What if we decided to declutter thoughts that were no longer (or never) served us? What if we agreed not to add anything to our plates until something is removed? What if we achieved “inbox zero” for our brains?!? (Ok, I don’t even know what that one would actually mean, but it sounds cool, right?)
Paring life and thoughts down to only what’s essential means we’ve got to prioritize. Boundaries need to be set and tested. If you reply to emails late at night and on weekends, people you work with will expect you to be available at those times.
Or if you never say no to friends who are constantly asking for your time/energy, those friends will always expect that of you. Because if we don’t set boundaries for ourselves, others will set them for us—and we may not like where they draw the line.
We can’t do everything. We can’t say yes to everything. We especially can’t have zero boundaries if we want to have the mental space needed to create things.

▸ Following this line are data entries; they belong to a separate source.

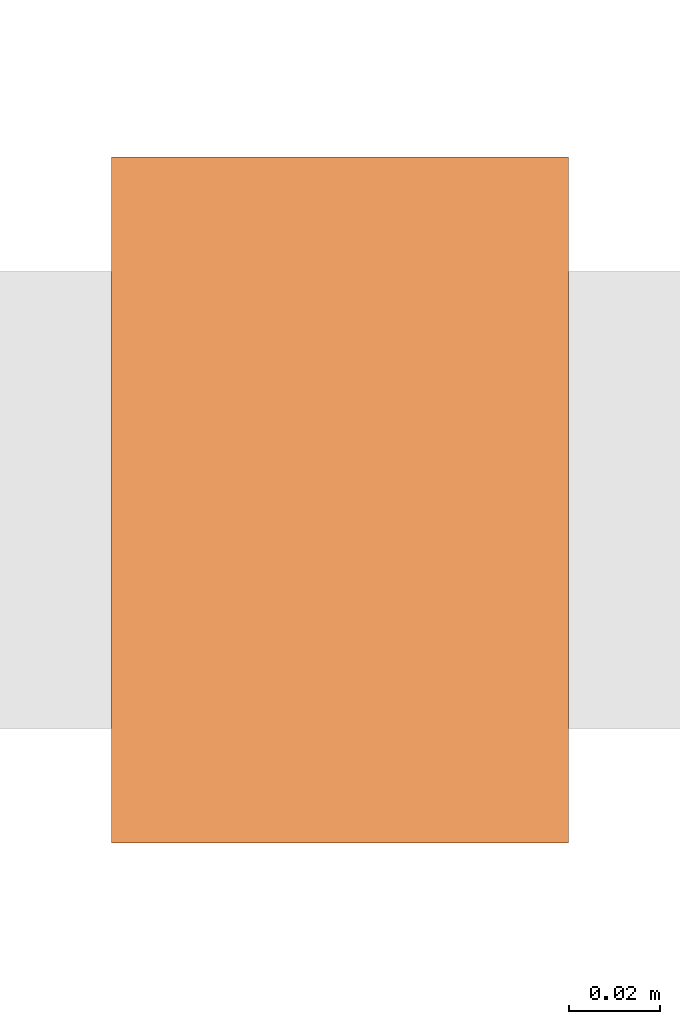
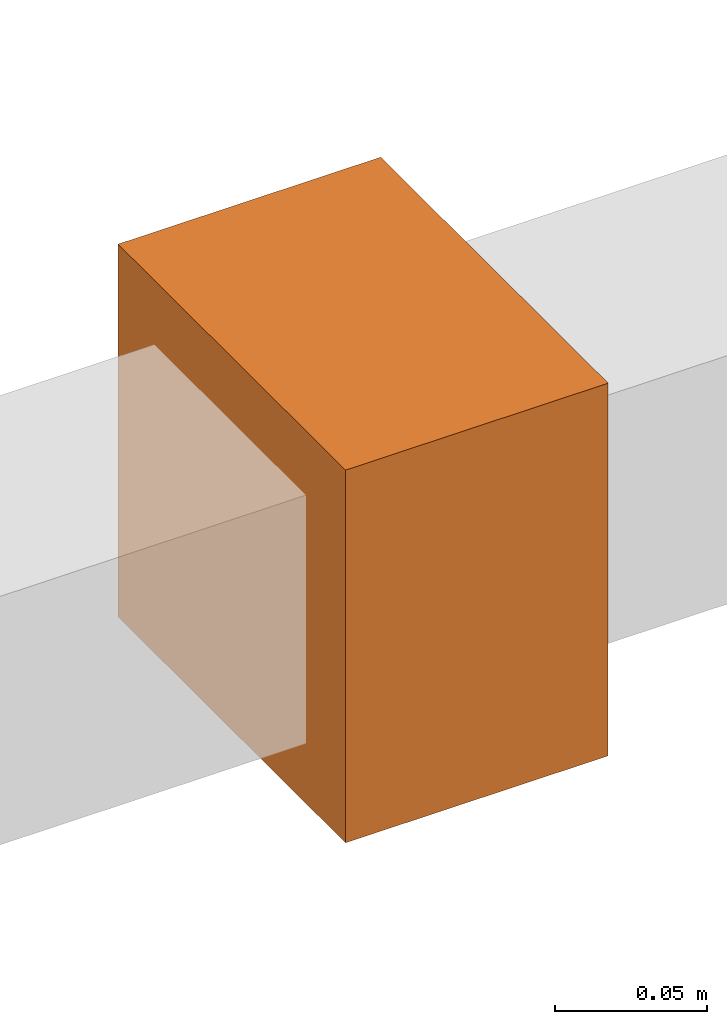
# One storey, part 21 of 22: 1 proxy.
"""IFC2X3 building model written with IfcOpenShell, lengths in millimetres."""

import ifcopenshell
import ifcopenshell.guid

model = None  # the IFC model being written
_history = None  # IfcOwnerHistory: only IFC2X3 demands one
_inside = {}  # id of a spatial element -> (the spatial element, [elements in it])
_under = {}  # id of a project, library or spatial element -> (it, [spatial elements below it])
_declared = {}  # id of a project -> (the project, [libraries it declares])
_typed = {}  # id of a type object -> (the type object, [elements of that type])
_made_of = {}  # id of a material, layer set ... -> (it, [elements and type objects made of it])


def new_model(schema):
    """Start an empty IFC model of exactly this schema.

    Asked for "IFC4X3", IfcOpenShell would pick the latest addendum, in which some entities
    have other attributes; the version numbers below select the first issue.
    IFC2X3 requires an IfcOwnerHistory on every rooted entity: one is made here for all.
    """
    global model, _history
    if schema == "IFC4X3":
        model = ifcopenshell.file(schema_version=(4, 3, 0, 0))
    else:
        model = ifcopenshell.file(schema=schema)
    _inside.clear()
    _under.clear()
    _declared.clear()
    _typed.clear()
    _made_of.clear()
    _history = None
    if model.schema == "IFC2X3":
        org = make("IfcOrganization", Name="unknown")
        user = make(
            "IfcPersonAndOrganization",
            ThePerson=make("IfcPerson", FamilyName="unknown"),
            TheOrganization=org,
        )
        app = make(
            "IfcApplication",
            ApplicationDeveloper=org,
            Version="unknown",
            ApplicationFullName="unknown",
            ApplicationIdentifier="unknown",
        )
        _history = make(
            "IfcOwnerHistory",
            OwningUser=user,
            OwningApplication=app,
            ChangeAction="ADDED",
            CreationDate=0,
        )
    return model


def make(cls, **values):
    """One entity of the class cls with the attributes given. An attribute that is None is left unset."""
    return model.create_entity(
        cls, **{name: value for name, value in values.items() if value is not None}
    )


def entity(cls, *values):
    """Any entity or typed value of the class cls, its attributes in the order of the schema. None: left unset."""
    e = model.create_entity(cls)
    for i, value in enumerate(values):
        if value is not None:
            e[i] = value
    return e


def rooted(cls, **values):
    """An entity with a GlobalId (a new one), such as an element, a storey or a relation."""
    return make(cls, GlobalId=ifcopenshell.guid.new(), OwnerHistory=_history, **values)


def si_unit(unit_type, name, prefix=None):
    """IfcSIUnit, for example si_unit("LENGTHUNIT", "METRE", prefix="MILLI")."""
    return make("IfcSIUnit", UnitType=unit_type, Prefix=prefix, Name=name)


def converted_unit(unit_type, name, factor, base, dimensions=None, offset=None):
    """IfcConversionBasedUnit, such as the inch: factor (a typed value) times the base unit."""
    return make(
        "IfcConversionBasedUnit"
        if offset is None
        else "IfcConversionBasedUnitWithOffset",
        ConversionOffset=offset,
        Dimensions=None
        if dimensions is None
        else entity("IfcDimensionalExponents", *dimensions),
        UnitType=unit_type,
        Name=name,
        ConversionFactor=make(
            "IfcMeasureWithUnit", ValueComponent=factor, UnitComponent=base
        ),
    )


def derived_unit(unit_type, elements):
    """IfcDerivedUnit: a product of units, each with its exponent."""
    return make(
        "IfcDerivedUnit",
        Elements=[
            make("IfcDerivedUnitElement", Unit=unit, Exponent=power)
            for unit, power in elements
        ],
        UnitType=unit_type,
    )


def assignment(units):
    """IfcUnitAssignment: the units of a project."""
    return None if units is None else make("IfcUnitAssignment", Units=units)


def point(xyz):
    """IfcCartesianPoint."""
    return None if xyz is None else make("IfcCartesianPoint", Coordinates=xyz)


def direction(xyz):
    """IfcDirection."""
    return None if xyz is None else make("IfcDirection", DirectionRatios=xyz)


def frame(location, z_axis=None, x_axis=None):
    """IfcAxis2Placement3D, a coordinate frame: its origin and axes. An axis left out is left unset."""
    return make(
        "IfcAxis2Placement3D",
        Location=point(location),
        Axis=direction(z_axis),
        RefDirection=direction(x_axis),
    )


def frame_2d(location, x_axis=None):
    """IfcAxis2Placement2D, a coordinate frame in the plane: its origin and x axis."""
    return make(
        "IfcAxis2Placement2D", Location=point(location), RefDirection=direction(x_axis)
    )


def origin():
    """The frame at (0, 0, 0) with its axes left unset."""
    return frame((0.0, 0.0, 0.0))


def origin_2d_with_axis():
    """The frame at (0, 0) in the plane with the x axis (1, 0) written out."""
    return frame_2d((0.0, 0.0), x_axis=(1.0, 0.0))


def place(relative_to, where):
    """IfcLocalPlacement: puts the frame where relative to a parent placement (None: the world)."""
    return make(
        "IfcLocalPlacement", PlacementRelTo=relative_to, RelativePlacement=where
    )


def context(
    kind, dimensions, precision=None, world=None, true_north=None, identifier=None
):
    """IfcGeometricRepresentationContext, for example the 3D "Model" context."""
    return make(
        "IfcGeometricRepresentationContext",
        ContextIdentifier=identifier,
        ContextType=kind,
        CoordinateSpaceDimension=dimensions,
        Precision=precision,
        WorldCoordinateSystem=world,
        TrueNorth=true_north,
    )


def subcontext(parent, identifier, kind, view, scale=None):
    """IfcGeometricRepresentationSubContext, for example "Body" below "Model"."""
    return make(
        "IfcGeometricRepresentationSubContext",
        ContextIdentifier=identifier,
        ContextType=kind,
        ParentContext=parent,
        TargetScale=scale,
        TargetView=view,
    )


def project(units=None, contexts=None):
    """IfcProject with its units and contexts."""
    return rooted(
        "IfcProject",
        Name="project",
        RepresentationContexts=contexts,
        UnitsInContext=assignment(units),
    )


def spatial(cls, under=None, at=None, **own):
    """A site, building, storey or space (cls), placed at a placement, below another one or the project."""
    s = rooted(cls, ObjectPlacement=at, **own)
    if under is not None:
        _under.setdefault(under.id(), (under, []))[1].append(s)
    return s


def profile(cls, at=None, kind="AREA", **sizes):
    """A parametric profile (cls). Its sizes go by their IFC names, for example OverallWidth=200.0."""
    return make(cls, ProfileType=kind, Position=at, **sizes)


def rectangle(**sizes):
    """IfcRectangleProfileDef."""
    return profile("IfcRectangleProfileDef", **sizes)


def extrude(swept, where, along, depth):
    """IfcExtrudedAreaSolid: the profile swept, set in the frame where, extruded along a direction by depth."""
    return make(
        "IfcExtrudedAreaSolid",
        SweptArea=swept,
        Position=where,
        ExtrudedDirection=direction(along),
        Depth=depth,
    )


def shape(context_of_items, identifier, shape_type, items):
    """IfcShapeRepresentation: the items that make up one representation, for example the "Body"."""
    return make(
        "IfcShapeRepresentation",
        ContextOfItems=context_of_items,
        RepresentationIdentifier=identifier,
        RepresentationType=shape_type,
        Items=items,
    )


def source(mapping_origin, context_of_items, identifier, shape_type, items):
    """IfcRepresentationMap: a shape defined once, which mapped items show again and again."""
    return make(
        "IfcRepresentationMap",
        MappingOrigin=mapping_origin,
        MappedRepresentation=shape(context_of_items, identifier, shape_type, items),
    )


def transform(
    local_origin,
    x_axis=None,
    y_axis=None,
    z_axis=None,
    scale=None,
    scale2=None,
    scale3=None,
    uniform=True,
):
    """IfcCartesianTransformationOperator3D, or its non-uniform kind. x_axis, y_axis, z_axis: its Axis1, 2, 3."""
    if uniform:
        return make(
            "IfcCartesianTransformationOperator3D",
            Axis1=direction(x_axis),
            Axis2=direction(y_axis),
            LocalOrigin=point(local_origin),
            Scale=scale,
            Axis3=direction(z_axis),
        )
    return make(
        "IfcCartesianTransformationOperator3DnonUniform",
        Axis1=direction(x_axis),
        Axis2=direction(y_axis),
        LocalOrigin=point(local_origin),
        Scale=scale,
        Axis3=direction(z_axis),
        Scale2=scale2,
        Scale3=scale3,
    )


def mapped(mapping_source, mapping_target):
    """IfcMappedItem: shows the shape of a source again, moved by a transform."""
    return make(
        "IfcMappedItem", MappingSource=mapping_source, MappingTarget=mapping_target
    )


def material(Name=None, Category=None):
    """IfcMaterial."""
    return make("IfcMaterial", Name=Name, Category=Category)


def made_of(thing, what):
    """Note that an element or type object is made of a material, layer set ...; save() writes the relation."""
    if what is not None:
        _made_of.setdefault(what.id(), (what, []))[1].append(thing)
    return thing


def type_object(cls, material=None, **own):
    """A type object (cls), such as IfcWallType, which elements share."""
    return made_of(rooted(cls, **own), material)


def type_shapes(of_type, sources):
    """Give a type object the sources (RepresentationMaps) that its elements show as mapped items."""
    of_type.RepresentationMaps = sources


def element(
    cls,
    number,
    at=None,
    inside=None,
    cuts=None,
    type_object=None,
    material=None,
    context=None,
    identifier="Body",
    shape_type=None,
    held_by="IfcProductDefinitionShape",
    body=None,
    shapes=None,
    **own,
):
    """One element of the class cls, such as IfcWall. Its Tag is "e" and its number.

    at: its placement. inside: the storey or other place that contains it. cuts: it is an
    opening in that element (IfcRelVoidsElement). A single representation is given by context,
    identifier, shape_type and body (its items); several are given by shapes. held_by: the class
    of the entity that holds the representations. save() writes the other relations.
    """
    e = rooted(cls, Tag="e%d" % number, ObjectPlacement=at, **own)
    if body is not None:
        shapes = [shape(context, identifier, shape_type, body)]
    if shapes is not None:
        e.Representation = make(held_by, Representations=shapes)
    if inside is not None:
        _inside.setdefault(inside.id(), (inside, []))[1].append(e)
    if cuts is not None:
        rooted(
            "IfcRelVoidsElement", RelatingBuildingElement=cuts, RelatedOpeningElement=e
        )
    if type_object is not None:
        _typed.setdefault(type_object.id(), (type_object, []))[1].append(e)
    return made_of(e, material)


def aggregate(whole, parts):
    """IfcRelAggregates: a whole, such as a stair, and the parts it consists of."""
    return rooted("IfcRelAggregates", RelatingObject=whole, RelatedObjects=parts)


def save(model, path):
    """Write the relations noted so far, then the file.

    IfcRelAggregates (storeys below a building ...), IfcRelContainedInSpatialStructure (elements
    in a storey), IfcRelDefinesByType, IfcRelAssociatesMaterial and IfcRelDeclares: one each for
    every whole, place, type object, material and project.
    """
    for whole, parts in _under.values():
        aggregate(whole, parts)
    for where, things in _inside.values():
        rooted(
            "IfcRelContainedInSpatialStructure",
            RelatedElements=things,
            RelatingStructure=where,
        )
    for kind, things in _typed.values():
        rooted("IfcRelDefinesByType", RelatedObjects=things, RelatingType=kind)
    for what, things in _made_of.values():
        rooted("IfcRelAssociatesMaterial", RelatedObjects=things, RelatingMaterial=what)
    for by, libraries in _declared.values():
        rooted("IfcRelDeclares", RelatingContext=by, RelatedDefinitions=libraries)
    model.write(path)


model = new_model("IFC2X3")

# Units and contexts
model_context = context("Model", 3, precision=0.01, world=origin(), true_north=direction((6.123233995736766e-17, 1.0)))
body_context = subcontext(model_context, "Body", "Model", "MODEL_VIEW")
ifc_project = project(units=[si_unit("LENGTHUNIT", "METRE", prefix="MILLI"), converted_unit("PLANEANGLEUNIT", "DEGREE", entity("IfcPlaneAngleMeasure", 0.017453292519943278), si_unit("PLANEANGLEUNIT", "RADIAN"), dimensions=[0, 0, 0, 0, 0, 0, 0]), si_unit("AREAUNIT", "SQUARE_METRE"), derived_unit("THERMALTRANSMITTANCEUNIT", [(si_unit("MASSUNIT", "GRAM", prefix="KILO"), 1), (si_unit("THERMODYNAMICTEMPERATUREUNIT", "KELVIN"), -1), (si_unit("TIMEUNIT", "SECOND"), -3)])], contexts=[model_context])

# Site, building, storey
site_placement = place(None, origin())
site = spatial("IfcSite", under=ifc_project, at=site_placement, Name="Default", CompositionType="ELEMENT")
building_placement = place(site_placement, origin())
building = spatial("IfcBuilding", under=site, at=building_placement, Name="Praça Pedro II, 1301 - Centro (Sul), Teresina - PI, 64001-100", CompositionType="ELEMENT")
storey_placement = place(building_placement, frame((0.0, 0.0, 320.0)))
storey = spatial("IfcBuildingStorey", under=building, at=storey_placement, Name="TÉRREO +0.32m", CompositionType="ELEMENT", Elevation=319.99999999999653)

# Proxy
ifc_material = material(Name="<Unnamed>")
building_element_proxy_type = type_object("IfcBuildingElementProxyType", Name="M_Control Damper - Opposed Blade (Type):100X105", PredefinedType="NOTDEFINED", material=ifc_material)
shared_shape = source(origin(), body_context, "Body", "SweptSolid", [
    extrude(rectangle(XDim=99.99999999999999, YDim=150.00000000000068, at=origin_2d_with_axis()), frame((0.0, 0.0, -75.0), z_axis=(0.0, 0.0, 1.0), x_axis=(-1.0, 0.0, 0.0)), (0.0, 0.0, 1.0), 150.0),
])
type_shapes(building_element_proxy_type, [shared_shape])
proxy_placement = place(storey_placement, frame((36501.12668621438, -51487.59413913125, 2225.0), z_axis=(0.0, 0.0, -1.0), x_axis=(-1.0, 0.0, 0.0)))
element("IfcBuildingElementProxy", 1, at=proxy_placement, inside=storey, type_object=building_element_proxy_type, material=ifc_material, Name="M_Control Damper - Opposed Blade (Type):100X105", ObjectType="M_Control Damper - Opposed Blade (Type):100X105", context=body_context, shape_type="MappedRepresentation", body=[
    mapped(shared_shape, transform((0.0, 0.0, 0.0), scale=1.0)),
])

save(model, "model.ifc")

What is Mental Minimalism?
Mental minimalism requires focus on the present. Because focus only works if you’re focusing on one thing (it’s funny how many people tell me the number of things they’re “focused” on). The past and future have a tricky way of creeping into our thoughts, and if our thoughts now live in a tiny house with a meticulously organized backpack, there just isn’t room for many of them.
The past tells us things like our previous failures define us or that we aren’t the type of person that could ever do something we want to do.
The future is equally awful at taking away our focus, by screaming at us that what we’re working on could fail, or that people will mock us, or that we have to say yes to something because it could be our big break, or that everything we’ve currently got might be taken from us (possibly involving a zombie apocalypse).
Don’t let those thoughts that don’t serve you into your tiny mental house! There’s no room, and they’ll make a mess of your carefully arranged backpack.
I like to think of my own mental minimalism as an MVP, which in this case, refers to: minimum viable progress.
I can’t make progress in life if I overextend myself. I can’t make progress if my thoughts are caught up in the past and present. And I also can’t make progress if my mind wants to own a task that’s too big and daunting to accomplish in a single step (like having “write a book” on my todo list).
Our minds, like our houses, have a tendency of filling up the space available—simply because it’s there. Instead, why not fill that space with…space? That way there’s room to grow, focus on and own (both mentally and physically) only that which serves us.